Brasil, o país onde tudo é tratado como doença mental, menos as doenças mentais. Por Nathalí Macedo

O ano é 2017. No Brasil, um juiz de primeiro grau libera o tratamento da homossexualidade como doença. Para ele, não interessa o fato de que desde a década de 90 o Conselho Regional de Psicologia deixou de tratar a homossexualidade como doença.

O que me salta aos olhos neste caso não é o retrocesso – vivemos afinal no país dos retrocessos – mas a crescente e assustadora síndrome de Deus dos juízes brasileiros de primeiro grau.

Juiz contrariando o Estatuto da Criança e do Adolescente ao admitir surra de fio de eletricidade como medida corretiva para crianças, juíza censurando a imprensa – alô, HELICOCA! -, juiz contrariando o Conselho Regional de Psicologia ao admitir a homossexualidade como doença bem no século do empoderamento LGBT, juiz contrariando a constituição para aplicar um golpe de Estado…

É dose pra elefante.

Tudo bem que essa casta sempre se comportou como uma rainha incontestável no pedestal da moralidade, mas confessemos: o judiciário brasileiro está passando dos limites.

Talvez porque um juiz partidário, parcial e desonesto ganhou confetes na mídia e até um filme ruim (que, para ele, mesmo sendo ruim, está de bom tamanho) por ajudar a destituir do poder uma presidenta que comprovadamente não cometeu crime algum e perseguir, sem provas, o ex-presidente Lula por razões nitidamente políticas.

A crise de legitimidade do Poder Judiciário brasileiro tem tornado as coisas tão esdrúxulas que os retrocessos parecem piada.

Mas não são.

Estamos, pouco a pouco – a mercê de um judiciário desorganizado, desacreditado e corrupto – sendo jogados no abismo do totalitarismo, e permanecemos de braços cruzados.
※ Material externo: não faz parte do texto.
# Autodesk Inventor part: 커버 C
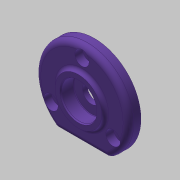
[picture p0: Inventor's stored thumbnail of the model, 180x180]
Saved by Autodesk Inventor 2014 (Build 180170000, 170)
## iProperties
Created: 2020-04
Part Number: 커버 C
Material: 알루미늄 6061
Document SubType Name: Modeling
Designer: mduedu
Density: 2.71 g/cm^3
Appearance: 보라색
Mass: 35.2376 g
Surface Area: 62.3739 cm^2
Volume: 13.0028 cm^3
Author: mduedu
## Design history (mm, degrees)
sketch "스케치1"
  geometry: C1 r 26 at (0, 0); 1 further point
  constraints: 1 centre point, 1 coincident
  dimensions: "d0" = 52 diameter of C1
extrude "돌출1" new body sketch "스케치1" distance "d1" = 7; taper "d2" = 0 deg
sketch "스케치2"
  geometry: L1 (-14.62, -21.5)-(14.62, -21.5); A1 r 26 centre (0, 0) between (-14.62, -21.5) and (14.62, -21.5) reference; 1 further point
  constraints: 2 end point, 2 point on circle, 1 horizontal
  dimensions: "d3" = 21.5 distance from line of L1 point (0, 0)
extrude "돌출2" cut sketch "스케치2" stored distance "d4" = 7; taper "d5" = 0 deg
sketch "스케치6"
  geometry: C1 r 13 at (0, 0); 1 further point
  constraints: 1 centre point, 1 coincident
  dimensions: "d29" = 26 diameter of C1
extrude "돌출5" join sketch "스케치6" distance "d30" = 2; taper "d31" = 0 deg
fillet "모깎기1" dims "d6" = 3
fillet "모깎기2" dims "d7" = 3
fillet "모깎기4" dims "d33" = 2
sketch "스케치3" dims "d8" = 40
  geometry: 3 further points
  constraints: 2 vertical alignment, 1 coincident, 2 other
hole "구멍1" sketch "스케치3" at (0, 20) diameter "d9" = 4.5; stored, may be unused: countersink angle "d13" = 90 deg, drill point angle "d15" = 118 deg; dims "d10" = 6, "d11" = 8, "d12" = 4.4, "d14" = 8
sketch "스케치4"
  geometry: C1 r 14 at (0, 0); 1 further point
  constraints: 1 centre point, 1 coincident
  dimensions: "d19" = 28 diameter of C1
extrude "돌출3" join sketch "스케치4" distance "d20" = 4; taper "d21" = 0 deg
sketch "스케치5"
  geometry: C1 r 12 at (0, 0); 1 further point
  constraints: 1 centre point, 1 coincident
  dimensions: "d22" = 24 diameter of C1
extrude "돌출4" cut sketch "스케치5" distance "d23" = 3; taper "d24" = 0 deg
fillet "모깎기3" dims "d25" = 3
chamfer "모따기1" distance "d26" = 0.5; stored, may be unused: second distance "d27" = 2, angle "d28" = 45 deg
sketch "스케치7"
  geometry: 2 further points
  constraints: 1 coincident
hole "구멍2" sketch "스케치7" at (0, 0) diameter "d34" = 10; stored, may be unused: countersink angle "d38" = 90 deg, drill point angle "d40" = 118 deg; dims "d35" = 6, "d36" = 20, "d37" = 7.3, "d39" = 8
fillet "모깎기5" dims "d41" = 0.3
chamfer "모따기2" distance "d42" = 0.7; stored, may be unused: second distance "d43" = 2, angle "d44" = 30 deg
node "솔리드1"
pattern_circular "원형 패턴1" dims angle "d17" = 360 deg
node "투영된 루프1"

Fora que, no Brasil, tudo é doença mental: estuprador é doente mental, ejaculador do ônibus é doente mental, criminosos de colarinho branco são doentes mentais, pessoas que amam pessoas do mesmo sexo são doentes mentais…

Apenas os doentes mentais não são tratados como doentes mentais.

Por aqui, depressivos são vistos como preguiçosos e vitimistas. Pessoas com síndrome do pânico só querem chamar atenção. Transtorno borderline não é tão ruim assim.

Procure um psiquiatra no SUS e surte na fila. Procure um psicoterapêuta a preço acessível e morra tentando. O poder público está, afinal, ocupado “curando” gays.

Eu e meus amigos gays e bissexuais não precisamos de cura – precisamos de um país de cujas leis não nos violentem.

O poder judiciário brasileiro, esse sim, está seriamente doente.